Let’s look at an example. Let’s say that the acquirer is charging a cost-plus merchant fee of 0.20% above interchange. If the card payment involves a domestic Visa card making an ordinary card payment at a payment terminal, then the merchant would be charged the interchange (AU$0.275) plus the margin (AU$0.20) equals AU$0.475 for the transaction.

It’s pretty obvious that if the card type involves a different interchange classification on the very next transaction, then the merchant fee will be different. This creates havoc for the merchant because they now have to reconcile on a per transaction basis if they are to understand their merchant fees down to the atomic level.
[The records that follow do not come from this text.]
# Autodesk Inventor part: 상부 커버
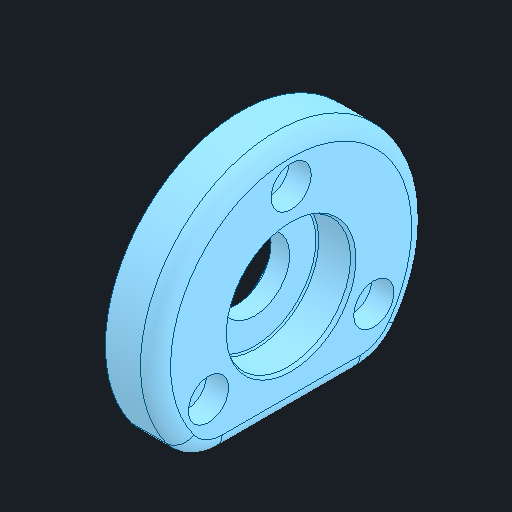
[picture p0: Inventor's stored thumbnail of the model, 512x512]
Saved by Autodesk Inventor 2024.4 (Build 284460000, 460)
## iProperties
Created: 2026-03
Part Number: 상부 커버
Material: 알루미늄 6061
Document SubType Name: Modeling
Designer: user
Density: 2.7 g/cm^3
Appearance: 기본값
Author: jhkim
Sending System: Autodesk Inventor 2026
Preprocessor: ST-DEVELOPER v20.1
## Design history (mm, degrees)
feature "솔리드1"
node "솔리드2"
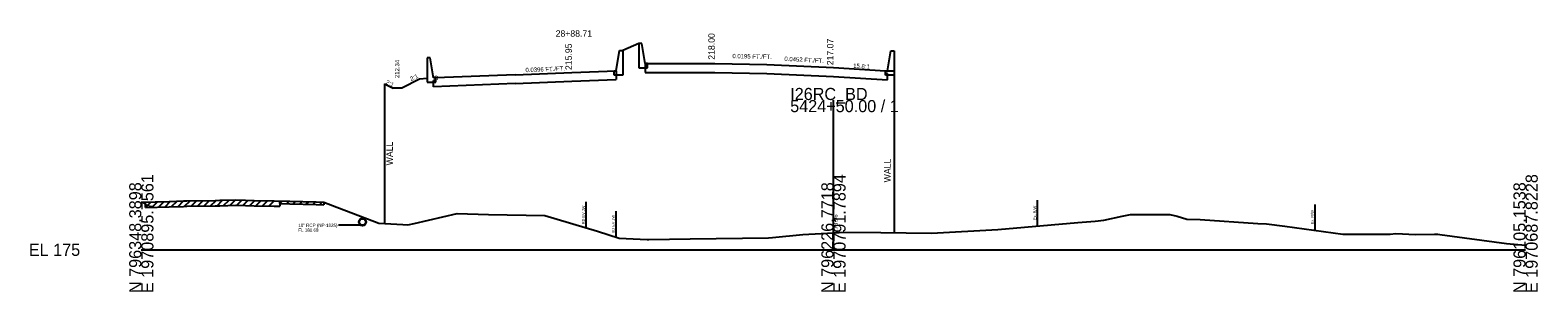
# Model space of a CAD drawing. Extents: x -1417 to 1970873, y -510 to 796304.
# Drawn here: x -1417.4 to -1068.8, y -9.7 to 50.7 of the extents above; entities that cross this region are included whole.
import ezdxf

# ---------------------------------------------------------------- set-up
doc = ezdxf.new("R2010")
doc.units = 0
for name, color, linetype in [('RD_EX_BldgApp', 7, 'Continuous'), ('RD_EX_Conc', 7, 'Continuous'), ('RD_EX_RailRoad', 7, 'Continuous'), ('RD_HC_Cl', 7, 'Continuous'), ('RD_HC_Data', 7, 'Continuous'), ('RD_HC_Data_Tic', 7, 'Continuous'), ('RD_HC_Data_Tic_Rel', 7, 'Continuous'), ('RD_HC_TX_Sta50', 7, 'Continuous'), ('RD_PD_ALT1_LnLine', 7, 'Continuous'), ('RD_PD_ALT1_TrvlWay', 7, 'Continuous'), ('RD_PD_ALT3_CL', 7, 'Continuous'), ('RD_PD_ALT5_CL', 7, 'Continuous'), ('RD_PD_Final_Cl', 7, 'Continuous'), ('RD_PD_Final_LnLine', 7, 'Continuous'), ('RD_PD_Final_TrvlWay', 7, 'Continuous'), ('RD_PD_PaveShd', 7, 'Continuous'), ('RD_SHT_IplotShp', 7, 'Continuous'), ('RD_Sketch2', 7, 'Continuous'), ('RD_Sketch8', 7, 'Continuous'), ('RD_TX_RoadID', 7, 'Continuous')]:
    doc.layers.add(name, color=color, linetype=linetype)

msp = doc.modelspace()

# ---------------------------------------------------------------- linework, layer by layer
at = {"layer": 'RD_EX_Conc'}
for p, q in [((-1281.89, 41.35), (-1281.14, 46.02)), ((-1281.14, 46.02), (-1280.39, 46.02)), ((-1276.69, 47.67), (-1280.39, 46.02)), ((-1280.39, 46.02), (-1280.39, 40.35)), ((-1275.94, 47.67), (-1276.69, 47.67)), ((-1276.69, 47.67), (-1276.69, 42)), ((-1275.19, 43), (-1275.94, 47.67)), ((-1219.17, 41.31), (-1218.42, 45.98)), ((-1218.42, 45.98), (-1217.67, 45.98)), ((-1217.67, 45.98), (-1217.67, 40.31)), ((-1324.86, 44.37), (-1325.61, 44.37)), ((-1325.61, 44.37), (-1325.61, 38.7)), ((-1324.11, 39.7), (-1324.86, 44.37)), ((-1276.69, 42), (-1274.69, 42)), ((-1274.69, 43), (-1275.19, 43)), ((-1274.69, 42), (-1274.69, 43)), ((-1325.61, 38.7), (-1323.61, 38.7)), ((-1323.61, 39.7), (-1324.11, 39.7)), ((-1323.61, 38.7), (-1323.61, 39.7)), ((-1282.39, 40.35), (-1282.39, 41.35)), ((-1282.39, 41.35), (-1281.89, 41.35)), ((-1280.39, 40.35), (-1282.39, 40.35)), ((-1219.67, 40.31), (-1219.67, 41.31)), ((-1219.67, 41.31), (-1219.17, 41.31)), ((-1217.67, 40.31), (-1219.67, 40.31))]:
    msp.add_line(p, q, dxfattribs=at)
at = {"layer": 'RD_HC_Cl'}
for p, q in [((-1231.67, 0), (-1231.67, 34.59)), ((-1391.67, 0), (-1231.67, 0)), ((-1231.67, 0), (-1071.67, 0))]:
    msp.add_line(p, q, dxfattribs=at)
at = {"layer": 'RD_HC_Data'}
for p, q in [((-1390.67, 9.81), (-1390.67, 11.06)), ((-1359.66, 11.3), (-1359.66, 10.05)), ((-1359.66, 10.68), (-1359.66, 11.3)), ((-1359.66, 10.68), (-1357.35, 10.63)), ((-1357.35, 10.63), (-1351.23, 10.45)), ((-1349.45, 11.02), (-1349.45, 10.4)), ((-1390.67, 9.81), (-1385.21, 9.95)), ((-1385.21, 9.95), (-1381.95, 10.04)), ((-1381.95, 10.04), (-1381.11, 10.06)), ((-1381.11, 10.06), (-1374.61, 10.17)), ((-1374.61, 10.17), (-1373.54, 10.19)), ((-1373.54, 10.19), (-1369.83, 10.28)), ((-1369.83, 10.28), (-1367.59, 10.21)), ((-1367.59, 10.21), (-1365.6, 10.17)), ((-1365.6, 10.17), (-1360.95, 10.08)), ((-1360.95, 10.08), (-1359.66, 10.05)), ((-1351.23, 10.45), (-1349.45, 10.4))]:
    msp.add_line(p, q, dxfattribs=at)
at = {"layer": 'RD_HC_Data_Tic_Rel'}
for p, q in [((-1335.48, 38.34), (-1333.48, 37.34)), ((-1327.36, 39.4), (-1331.48, 37.34)), ((-1325.61, 39.54), (-1327.36, 39.4)), ((-1331.48, 37.34), (-1333.48, 37.34))]:
    msp.add_line(p, q, dxfattribs=at)
at = {"layer": 'RD_HC_TX_Sta50'}
for p, q in [((-1390.67, 9.81), (-1389.39, 11.1)), ((-1389.17, 9.85), (-1387.89, 11.13)), ((-1387.67, 9.89), (-1386.39, 11.17)), ((-1386.17, 9.93), (-1384.89, 11.21)), ((-1384.67, 9.97), (-1383.39, 11.25)), ((-1383.17, 10.01), (-1381.89, 11.29)), ((-1381.67, 10.05), (-1380.4, 11.32)), ((-1380.17, 10.08), (-1378.9, 11.35)), ((-1378.67, 10.1), (-1377.4, 11.38)), ((-1377.17, 10.13), (-1375.9, 11.4)), ((-1375.67, 10.16), (-1374.4, 11.43)), ((-1374.17, 10.18), (-1372.9, 11.45)), ((-1372.67, 10.21), (-1371.39, 11.49)), ((-1371.17, 10.25), (-1369.89, 11.53)), ((-1369.67, 10.27), (-1368.46, 11.49)), ((-1368.17, 10.23), (-1366.95, 11.45)), ((-1366.67, 10.19), (-1365.45, 11.41)), ((-1365.17, 10.16), (-1363.94, 11.38)), ((-1363.67, 10.13), (-1362.44, 11.36)), ((-1362.17, 10.1), (-1360.94, 11.33)), ((-1359.66, 10.68), (-1359.04, 11.29)), ((-1358.13, 10.65), (-1357.51, 11.26)), ((-1356.6, 10.61), (-1355.98, 11.21)), ((-1355.07, 10.56), (-1354.45, 11.17)), ((-1353.54, 10.51), (-1352.92, 11.12)), ((-1352, 10.47), (-1351.39, 11.08)), ((-1350.47, 10.43), (-1349.85, 11.03))]:
    msp.add_line(p, q, dxfattribs=at)
at = {"layer": 'RD_PD_ALT1_LnLine'}
for p, q in [((-1184.54, 11.5), (-1184.54, 5.5)), ((-1120.39, 10.49), (-1120.39, 4.49))]:
    msp.add_line(p, q, dxfattribs=at)
at = {"layer": 'RD_PD_ALT1_TrvlWay'}
for p, q in [((-1288.89, 11.08), (-1288.89, 5.08)), ((-1282, 8.94), (-1282, 2.94))]:
    msp.add_line(p, q, dxfattribs=at)
at = {"layer": 'RD_PD_Final_Cl'}
msp.add_lwpolyline([(-1391.67, 11.04), (-1385.21, 11.2), (-1381.95, 11.29), (-1381.11, 11.31), (-1374.61, 11.42), (-1373.54, 11.44), (-1369.83, 11.53), (-1367.59, 11.46), (-1365.6, 11.42), (-1360.95, 11.33), (-1357.35, 11.26), (-1351.23, 11.07), (-1349.45, 11.02), (-1347.51, 10.25), (-1336.75, 6.16), (-1331.2, 5.84), (-1330.04, 5.79), (-1328.59, 6.07), (-1318.66, 8.39), (-1311.39, 8.19), (-1298.37, 7.93), (-1286.22, 4.28), (-1281.17, 2.68), (-1274.76, 2.4), (-1274.36, 2.41), (-1264.77, 2.52), (-1246.7, 2.75), (-1245.74, 2.84), (-1238.75, 3.56), (-1231.67, 3.96), (-1230.35, 4.04), (-1229.28, 4.08), (-1220.69, 3.99), (-1208.97, 3.86), (-1193.67, 4.71), (-1175.2, 6.3), (-1171.19, 6.65), (-1169.15, 6.87), (-1164.94, 7.77), (-1163.01, 8.18), (-1159.88, 8.18), (-1153.89, 8.19), (-1152.19, 7.74), (-1149.95, 7.1), (-1146.88, 6.97), (-1133.56, 6.11), (-1131.58, 5.98), (-1127.35, 5.45), (-1113.92, 3.61), (-1110.78, 3.61), (-1102.94, 3.62), (-1101.68, 3.74), (-1097.09, 3.57), (-1092.72, 3.64), (-1091.96, 3.64), (-1091.49, 3.54), (-1076.06, 1.44), (-1071.67, 1.09)], dxfattribs=at)
at = {"layer": 'RD_PD_Final_LnLine'}
for p, q in [((-1275.19, 43), (-1259.11, 43)), ((-1231.67, 42.07), (-1219.67, 41.31)), ((-1305.21, 40.43), (-1323.61, 39.7)), ((-1292.15, 40.95), (-1281.89, 41.35))]:
    msp.add_line(p, q, dxfattribs=at)
at = {"layer": 'RD_PD_Final_TrvlWay'}
for p, q in [((-1275.19, 43), (-1275.19, 40.96)), ((-1323.61, 39.14), (-1324.13, 39.12)), ((-1324.13, 37.64), (-1324.13, 39.12)), ((-1305.21, 38.39), (-1324.13, 37.64)), ((-1323.61, 39.14), (-1323.61, 39.7)), ((-1305.21, 38.39), (-1292.15, 38.91)), ((-1292.15, 38.91), (-1281.89, 39.31)), ((-1281.89, 41.35), (-1281.89, 39.31)), ((-1275.19, 40.96), (-1259.11, 40.96)), ((-1259.11, 40.96), (-1247.06, 40.73)), ((-1247.06, 40.73), (-1231.67, 40.03)), ((-1231.67, 40.03), (-1219.17, 39.24)), ((-1219.67, 40.75), (-1219.67, 41.31)), ((-1219.17, 40.72), (-1219.67, 40.75)), ((-1219.17, 39.24), (-1219.17, 40.72))]:
    msp.add_line(p, q, dxfattribs=at)
at = {"layer": 'RD_PD_PaveShd'}
for p, q in [((-1259.11, 43), (-1247.06, 42.77)), ((-1247.06, 42.77), (-1231.67, 42.07)), ((-1305.21, 40.43), (-1292.15, 40.95))]:
    msp.add_line(p, q, dxfattribs=at)
at = {"layer": 'RD_SHT_IplotShp'}
msp.add_line((-1341.05, 5.68), (-1346.05, 5.68), dxfattribs=at)
for radius in [0.85, 0.75]:
    msp.add_circle((-1340.55, 6.43), radius, dxfattribs=at)
at = {"layer": 'RD_TX_RoadID'}
for p, q in [((-1219.67, 41.31), (-1217.67, 41.31)), ((-1217.67, 41.31), (-1217.67, 3.95)), ((-1335.47, 38.34), (-1335.47, 6.08))]:
    msp.add_line(p, q, dxfattribs=at)

# ---------------------------------------------------------------- texts
at = {"layer": 'RD_EX_BldgApp'}
msp.add_text('178.96', height=1, rotation=90, dxfattribs=at).set_placement((-1230.67, 3.96))
at = {"layer": 'RD_EX_RailRoad'}
for s, rotation, p in [('212.34', 90, (-1332.04, 39.65)), ('0.0396 FT./FT.', 2.269, (-1302.85, 41.02)), ('0.0195 FT./FT.', 358.8808, (-1255.04, 44.26)), ('0.0452 FT./FT.', 356.9184, (-1243.04, 43.63)), ('2:1', 333.4349, (-1335.28, 38.4)), ('2:1', 26.5651, (-1329.26, 38.93))]:
    msp.add_text(s, height=1, rotation=rotation, dxfattribs=at).set_placement(p)
at = {"layer": 'RD_HC_Cl'}
for s, p in [('I26RC_BD', (-1241.67, 34.59)), ('5424+50.00 / 1', (-1241.67, 31.79)), ('EL 175', (-1417.67, -1.4))]:
    msp.add_text(s, height=2.8, dxfattribs=at).set_placement(p)
for s, p in [('N 796348.3898', (-1391.67, -10)), ('E 1970895.7561', (-1388.87, -10)), ('N 796226.7718', (-1231.67, -10)), ('E 1970791.7894', (-1228.87, -10)), ('N 796105.1538', (-1071.67, -10)), ('E 1970687.8228', (-1068.87, -10))]:
    msp.add_text(s, height=2.8, rotation=90, dxfattribs=at).set_placement(p)
at = {"layer": 'RD_HC_Data_Tic'}
for s, p in [(' 218.00', (-1259.11, 43.34)), (' 215.95', (-1292.15, 40.95)), (' 217.07', (-1231.67, 42.07))]:
    msp.add_text(s, height=1.5, rotation=90, dxfattribs=at).set_placement(p)
at = {"layer": 'RD_PD_ALT1_LnLine'}
for p in [(-1184.79, 6.88), (-1120.64, 5.88)]:
    msp.add_text('Ex. R/W ', height=0.65, rotation=90, dxfattribs=at).set_placement(p)
at = {"layer": 'RD_PD_ALT1_TrvlWay'}
for p in [(-1289.14, 5.91), (-1282.25, 3.78)]:
    msp.add_text('RD EV JW ', height=0.65, rotation=90, dxfattribs=at).set_placement(p)
at = {"layer": 'RD_PD_ALT3_CL'}
msp.add_text('28+88.71', height=1.5, dxfattribs=at).set_placement((-1295.89, 49.2))
at = {"layer": 'RD_PD_ALT5_CL'}
msp.add_text('15.8:1', height=1, rotation=356.3731, dxfattribs=at).set_placement((-1227.14, 42.04))
at = {"layer": 'RD_SHT_IplotShp'}
for s, p in [('18" RCP (NP-1825)', (-1355.38, 5.3)), ('FL 180.68', (-1355.38, 4.18))]:
    msp.add_text(s, height=0.75, dxfattribs=at).set_placement(p)
at = {"layer": 'RD_Sketch2'}
msp.add_text('G', height=1, dxfattribs=at).set_placement((-1324.06, 39.2))
at = {"layer": 'RD_Sketch8'}
for p in [(-1333.52, 19.51), (-1218.46, 15.58)]:
    msp.add_text('WALL', height=1.5, rotation=90, dxfattribs=at).set_placement(p)

doc.saveas('drawing.dxf')

But it also allows the acquirer to ensure that they earn a set profit margin above interchange each and every time.

Previously, acquirers were charging merchant fees on a “blended” basis. This meant that they had to estimate the likely card mix and associated interchange cost, work out an average interchange cost, then apply their margin above that in order to come up with a single merchant fee percentage. Most acquirers were pretty rubbish at estimating this, and so would often incur more cost than they had anticipated. If they got it particularly wrong, they’d lose money.

This explains why many acquirers have moved to a cost-plus pricing model. Certainly this is true in Europe and Australia, for example, although somewhat less prevalent in Asia and North America. But given the complexity of Visa and MasterCard interchange, it’s likely to become more prevalent in regions where it’s not currently.

Acquirers who can successfully pass on the “risk” associated with the complexity of interchange fees to their merchants and maintain target profit margins will be much better able to manage their acquiring business. Merchants should then make sure that their acquirers provide them with good reporting to show how the merchant fee is derived, ideally on a per transaction basis.


  • Interchange fees are typically paid by acquirers to the card schemes for merchant payments (and by card schemes to acquirers for ATM withdrawals).
  • Issuers typically receive a portion of interchange from the card schemes for merchant payments (and pay for ATM withdrawals).
  • Credit interchange is typically (but not always) charged as percentage of value.
  • Debit interchange is typically (but not always) charged as “cents per transaction”.
  • Acquirers can charge merchants on a cost-plus basis to eliminate the risk of not estimating the merchant’s card mix properly.
  • Doing this allows acquirers to earn a set profit margin percentage per transaction.
  • Merchants should obtain per transaction fee reporting from their acquirers for full transparency.